:: Dataset entries ::

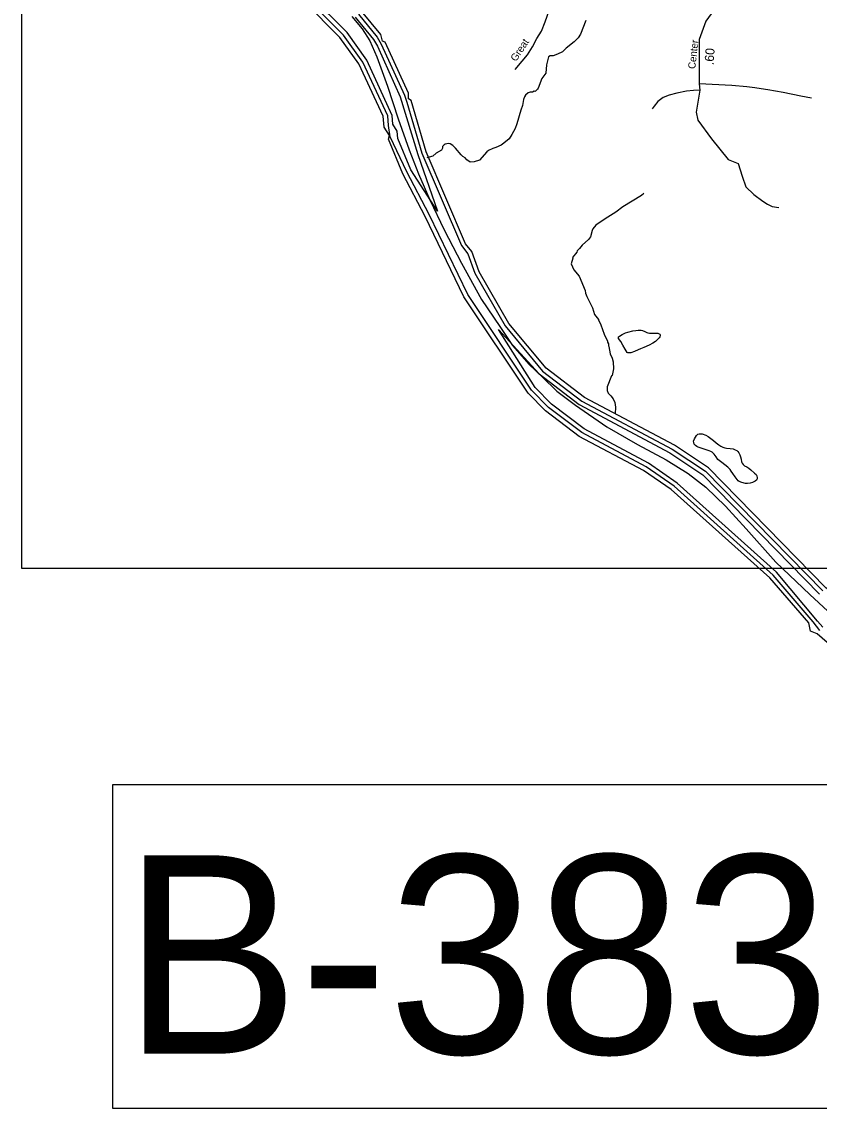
# Model space of a CAD drawing. Extents: x 1551653 to 1702041, y 811336 to 920032.
# Drawn here: x 1569097 to 1576282, y 826375 to 836233 of the extents above; entities that cross this region are included whole.
import ezdxf

# ---------------------------------------------------------------- set-up
doc = ezdxf.new("R2010")
doc.units = 0
for name, color, linetype in [('Old_Level_10', 7, 'Continuous'), ('Old_Level_11', 7, 'Continuous'), ('Old_Level_17', 7, 'Continuous'), ('Old_Level_3', 7, 'Continuous'), ('Old_Level_32', 7, 'Continuous'), ('Old_Level_35', 7, 'Continuous'), ('Old_Level_52', 7, 'Continuous'), ('Old_Level_60', 7, 'Continuous'), ('Old_Level_61', 7, 'Continuous'), ('Old_Level_62', 7, 'Continuous'), ('Old_Level_63', 7, 'Continuous')]:
    doc.layers.add(name, color=color, linetype=linetype)

msp = doc.modelspace()

# ---------------------------------------------------------------- linework, layer by layer
at = {"layer": 'Old_Level_3'}
msp.add_lwpolyline([(1576754.121, 826444.537), (1569917.605, 826444.537), (1569917.605, 829363.138), (1576754.121, 829363.138), (1576754.121, 826444.537)], dxfattribs=at)
at = {"layer": 'Old_Level_32'}
msp.add_lwpolyline([(1575542.323, 837595.436), (1575574.18, 837313.037), (1575572.9, 837146.973), (1575560.612, 836992.026), (1575524.076, 836750.6), (1575474.017, 836572.962), (1575381.211, 836404.213), (1575260.791, 836239.428), (1575201.004, 836074.127), (1575201.105, 835675.898), (1575206.45, 835617.03), (1575173.8, 835420.829), (1575187.453, 835347.952), (1575310.328, 835179.423), (1575460.508, 834992.676), (1575551.526, 834956.237), (1575587.934, 834842.367), (1575619.791, 834746.715), (1575692.605, 834678.393)], dxfattribs=at)
at = {"layer": 'Old_Level_35'}
for points in [[(1573542.254, 835803.23), (1573605.354, 835878.427), (1573652.152, 835935.73), (1573699.255, 836006.928), (1573738.352, 836082.429), (1573779.353, 836149.828), (1573812.653, 836233.426), (1573850.153, 836334.929), (1573881.452, 836428.528), (1573906.754, 836522.228), (1573921.951, 836600.027), (1573927.653, 836711.926), (1573927.151, 836818.028), (1573922.351, 836904.127), (1573913.552, 836984.426), (1573908.352, 837032.526), (1573891.052, 837086.725), (1573846.354, 837185.426)], [(1576213.748, 835546.43), (1576116.048, 835563.828), (1575958.45, 835598.031), (1575820.648, 835622.23), (1575760.75, 835629.028), (1575700.95, 835639.829), (1575631.049, 835646.83), (1575495.048, 835658.828), (1575201.105, 835675.898)], [(1575206.45, 835617.03), (1575150.351, 835613.828), (1575086.152, 835608.73), (1574997.95, 835592.03), (1574931.552, 835573.031), (1574877.251, 835551.63), (1574828.75, 835514.429), (1574796.05, 835472.831), (1574777.75, 835449.028)], [(1575692.605, 834678.393), (1575775.689, 834617.578), (1575816.641, 834592.226), (1575857.594, 834570.776), (1575918.048, 834561.025)]]:
    msp.add_lwpolyline(points, dxfattribs=at)
at = {"layer": 'Old_Level_52'}
msp.add_lwpolyline([(1572069.484, 836281.624), (1572162.188, 836171.205), (1572232.821, 836060.784), (1572294.624, 835919.447), (1572391.743, 835654.439), (1572486.655, 835358.514), (1572588.188, 835080.255), (1572672.064, 834863.832), (1572773.598, 834629.741), (1572903.826, 834360.316), (1573058.334, 834059.973), (1573239.329, 833733.13), (1573402.666, 833490.206), (1573519.65, 833317.95), (1573665.328, 833150.112), (1573788.935, 833030.858), (1573916.956, 832907.188), (1574084.707, 832779.1), (1574367.236, 832584.761), (1574645.349, 832425.756), (1574903.599, 832288.835), (1575102.251, 832165.164), (1575261.174, 832041.494), (1575437.754, 831869.239), (1575623.163, 831666.066), (1575892.448, 831365.723), (1576197.05, 831074.214), (1576439.848, 830848.958)], dxfattribs=at)
at = {"layer": 'Old_Level_60'}
for points in [[(1576500.497, 831022.525), (1576343.53, 831134.021), (1575283.513, 832215.825), (1574978.498, 832418.98), (1574167.517, 832849.026), (1573820.467, 833112.108), (1573485.514, 833516.112), (1573216.486, 833981.119), (1573152.51, 834162.948), (1573095.505, 834233.076), (1572740.457, 835060.923), (1572605.533, 835523.264), (1572580.517, 835540.181), (1572581.439, 835589.393), (1572371.466, 836049.94), (1572346.45, 836060.347), (1572330.456, 836119.709), (1572158.52, 836330.041), (1571821.516, 836658.535), (1571434.481, 836958.526), (1570908.522, 837497.762), (1570744.48, 837724.242)], [(1576204.505, 830742.987), (1576188.511, 830818.806), (1575836.539, 831223.117), (1574947.535, 832019.129), (1574699.525, 832191.578), (1574120.458, 832498.695), (1573815.443, 832728.148), (1573659.501, 832888.857), (1573080.536, 833757.355), (1572731.435, 834480.061), (1572529.459, 834864.944), (1572400.481, 835176.162), (1572409.503, 835208.816), (1572360.496, 835285.301), (1572353.524, 835383.931), (1572134.528, 835854.525), (1571963.515, 836091.002), (1571642.506, 836412.626), (1571132.439, 836843.236), (1570959.478, 837020.657), (1570893.451, 837048.288)], [(1580668.489, 826375.173), (1580662.542, 826559.104), (1580637.526, 826592.477), (1580565.552, 827335.791), (1580330.563, 827832.94), (1580035.493, 828186.91), (1579780.511, 828408.726), (1579524.503, 828578.047), (1579146.49, 828923.868), (1578832.555, 829169.777), (1577169.48, 830027.458), (1576789.518, 830274.751), (1576740.511, 830344.725), (1576649.468, 830385.941), (1576262.534, 830718.791), (1576204.505, 830742.987)]]:
    msp.add_lwpolyline(points, dxfattribs=at)
at = {"layer": 'Old_Level_61'}
for points in [[(1576288.576, 830749.139), (1576227.676, 830827.058), (1575866.681, 831249.363), (1574974.192, 832048.913), (1574722.388, 832224.438), (1574141.988, 832532.579), (1573841.997, 832758.239), (1573690.771, 832914.079), (1573115.395, 833777.245), (1572767.422, 834497.44), (1572565.753, 834881.913), (1572416.27, 835197.949), (1572399.661, 835298.271), (1572393.407, 835386.751), (1572170.823, 835871.391), (1571995.913, 836114.429), (1571670.803, 836440.872)], [(1572099.465, 836275.908), (1572264.634, 836073.829), (1572300.416, 836012.98), (1572507.313, 835559.045), (1572663.665, 835038.521), (1572843.086, 834528.813), (1572601.945, 834898.932), (1572484.962, 835181.391), (1572478.811, 835248.802), (1572438.826, 835311.292), (1572433.289, 835389.57), (1572207.014, 835888.257), (1572028.311, 836137.857), (1571699.1, 836469.118)], [(1572128.992, 836302.974), (1572297.545, 836096.795), (1572335.89, 836031.435), (1572544.428, 835574.219), (1572567.496, 835510.807), (1572702.01, 835049.696), (1573058.698, 834217.287), (1573117.036, 834143.11), (1573178.756, 833967.841), (1573450.86, 833496.068), (1573789.709, 833086.579), (1574143.321, 832817.141), (1574957.993, 832384.583), (1575257.882, 832184.863), (1576314.925, 831106.032)], [(1576314.72, 830779.436), (1576266.738, 830835.312), (1575896.927, 831275.662), (1575000.952, 832078.748), (1574745.149, 832257.246), (1574163.519, 832566.413), (1573868.551, 832788.331), (1573722.042, 832939.3), (1573392.831, 833461.209), (1573758.849, 833061.05), (1574119.228, 832785.255), (1574937.488, 832350.185), (1575232.25, 832153.848), (1576286.423, 831078.042)]]:
    msp.add_lwpolyline(points, dxfattribs=at)
at = {"layer": 'Old_Level_62'}
for points in [[(1574180.128, 836244.484), (1574132.146, 836121.863), (1574109.795, 836090.13), (1574073.398, 836052.606), (1574000.707, 835995.55), (1573967.899, 835963.46), (1573924.736, 835941.314), (1573884.238, 835926.704), (1573859.016, 835927.011), (1573841.792, 835917.579), (1573824.978, 835845.811), (1573818.109, 835769.941), (1573781.507, 835722.421), (1573750.544, 835636.863), (1573744.392, 835626.969), (1573722.144, 835607.233), (1573714.147, 835607.335), (1573698.051, 835599.543), (1573678.058, 835599.8), (1573660.013, 835594.007), (1573635.715, 835572.323), (1573625.565, 835556.482), (1573617.26, 835532.594), (1573608.648, 835480.716), (1573592.141, 835436.937), (1573558.718, 835313.445), (1573542.211, 835273.665), (1573513.606, 835218.044), (1573487.155, 835178.366), (1573440.71, 835138.996), (1573416.514, 835123.31), (1573368.224, 835099.883), (1573340.542, 835093.782), (1573302.505, 835074.097), (1573287.229, 835061.692), (1573220.792, 834986.899), (1573172.707, 834972.391), (1573137.438, 834970.29), (1573107.398, 834990.846), (1573091.609, 835008.173), (1573071.309, 835019.656), (1573055.52, 835033.856), (1573004.257, 835096.5), (1572980.573, 835118.748), (1572956.685, 835133.05), (1572940.793, 835137.253), (1572912.701, 835131.614), (1572902.654, 835125.77), (1572888.402, 835109.931), (1572888.3, 835093.936), (1572878.047, 835076.097), (1572831.706, 835050.67), (1572799.41, 835023.091), (1572747.634, 835009.608)], [(1574701.063, 834687.369), (1574680.865, 834669.581), (1574513.645, 834565.773), (1574449.874, 834519.688), (1574352.372, 834459.813), (1574269.736, 834400.911), (1574243.387, 834369.231), (1574235.185, 834353.339), (1574222.574, 834297.514), (1574204.222, 834273.779), (1574147.627, 834222.516), (1574123.329, 834190.835), (1574100.978, 834169.1), (1574096.877, 834159.155), (1574060.378, 834111.634), (1574061.505, 834105.483), (1574047.664, 834051.862), (1574071.04, 833999.573), (1574118.305, 833942.979), (1574172.849, 833814.36), (1574176.54, 833790.318), (1574188.125, 833758.227), (1574238.978, 833657.597), (1574258.253, 833597.415), (1574293.727, 833552.97), (1574292.497, 833547.536), (1574313.104, 833504.731), (1574344.067, 833420.404), (1574375.338, 833356.018), (1574375.235, 833348.02), (1574383.027, 833331.924), (1574382.822, 833315.981), (1574386.718, 833307.933), (1574397.996, 833243.802), (1574417.476, 833203.561), (1574425.165, 833171.471), (1574428.344, 833107.494), (1574415.63, 833047.67), (1574409.581, 833043.056), (1574370.416, 832944.273), (1574370.109, 832912.285), (1574379.746, 832888.191), (1574403.532, 832863.893), (1574425.165, 832835.646), (1574440.749, 832803.453), (1574446.286, 832763.417), (1574443.517, 832701.235)], [(1574506.673, 833415.226), (1574535.893, 833431.015), (1574556.501, 833436.961), (1574602.535, 833449.265), (1574629.5, 833454.083), (1574649.492, 833455.263), (1574676.354, 833455.314), (1574690.503, 833452.955), (1574709.88, 833444.19), (1574728.642, 833434.347), (1574738.587, 833431.579), (1574753.864, 833428.657), (1574775.394, 833427.221), (1574792.209, 833427.939), (1574808.613, 833428.708), (1574827.477, 833427.324), (1574835.372, 833424.556), (1574844.702, 833419.122), (1574847.778, 833414.867), (1574848.188, 833406.921), (1574846.445, 833396.464), (1574841.011, 833385.493), (1574826.042, 833370.525), (1574807.28, 833353.967), (1574783.904, 833338.075), (1574749.353, 833319.774), (1574700.55, 833299.064), (1574671.33, 833287.478), (1574651.748, 833277.841), (1574616.684, 833262.667), (1574585.413, 833250.621), (1574570.137, 833250.364), (1574559.167, 833251.082), (1574552.4, 833255.439), (1574533.843, 833283.121), (1574512.415, 833319.313), (1574493.448, 833352.275), (1574474.993, 833381.034), (1574473.045, 833390.569), (1574474.788, 833395.798), (1574483.81, 833403.025), (1574506.673, 833415.226)], [(1575541.981, 832109.044), (1575524.142, 832133.497), (1575503.124, 832165.895), (1575490.411, 832186.4), (1575478.928, 832200.959), (1575457.705, 832221.567), (1575430.638, 832243.61), (1575403.571, 832264.371), (1575381.016, 832280.468), (1575369.43, 832291.746), (1575354.769, 832313.584), (1575334.264, 832338.087), (1575316.322, 832355.414), (1575306.582, 832361.463), (1575291.1, 832368.948), (1575263.111, 832378.585), (1575218.922, 832391.811), (1575192.983, 832400.731), (1575179.347, 832407.549), (1575166.429, 832416.93), (1575156.894, 832428.157), (1575151.255, 832442.664), (1575150.845, 832456.351), (1575156.996, 832475.831), (1575176.476, 832508.178), (1575187.139, 832518.431), (1575199.647, 832522.788), (1575214.001, 832523.147), (1575228.969, 832520.276), (1575260.137, 832508.588), (1575280.848, 832497.105), (1575306.069, 832481.009), (1575329.24, 832460.965), (1575354.359, 832440.306), (1575376.915, 832422.876), (1575396.292, 832410.778), (1575415.054, 832402.628), (1575431.971, 832396.425), (1575448.273, 832393.503), (1575479.543, 832390.325), (1575506.2, 832385.301), (1575524.45, 832379.098), (1575538.701, 832371.665), (1575548.953, 832363.616), (1575557.258, 832351.723), (1575566.075, 832333.935), (1575572.944, 832313.533), (1575577.866, 832293.233), (1575582.684, 832270.267), (1575586.99, 832257.143), (1575595.91, 832244.533), (1575609.444, 832233.87), (1575629.539, 832223.72), (1575649.634, 832213.518), (1575665.73, 832198.909), (1575700.384, 832166.92), (1575713.302, 832155.591), (1575718.941, 832144.365), (1575723.863, 832125.346), (1575723.042, 832114.888), (1575718.326, 832103.867), (1575705.716, 832095.613), (1575682.032, 832083.618), (1575659.681, 832076.185), (1575634.768, 832073.365), (1575617.851, 832074.339), (1575585.35, 832082.797), (1575560.641, 832092.384), (1575551.004, 832099.048), (1575541.981, 832109.044)]]:
    msp.add_lwpolyline(points, dxfattribs=at)
at = {"layer": 'Old_Level_63'}
msp.add_lwpolyline([(1569096.749, 874749.337), (1631612.821, 874749.337), (1631612.821, 831307.151), (1569096.749, 831307.151), (1569096.749, 874749.337)], dxfattribs=at)

# ---------------------------------------------------------------- texts
at = {"layer": 'Old_Level_10'}
msp.add_text('Great', height=65.6167, rotation=56.5120806, dxfattribs=at).set_placement((1573549.296, 835870.503))
at = {"layer": 'Old_Level_11'}
msp.add_text('Center', height=65.6167, rotation=83.6601417, dxfattribs=at).set_placement((1575164.971, 835806.013))
at = {"layer": 'Old_Level_17'}
msp.add_text('.60', height=82.0208, rotation=85.5952444, dxfattribs=at).set_placement((1575329.234, 835841.679))
at = {"layer": 'Old_Level_3'}
msp.add_text('B-3835', height=1788.0542, dxfattribs=at).set_placement((1570003.524, 826937.36))

doc.saveas('drawing.dxf')

:::

■ Work order ■
In these entries, some lines may contain the string "drawing". Give the number of such lines and nothing more.

■ Solution ■
2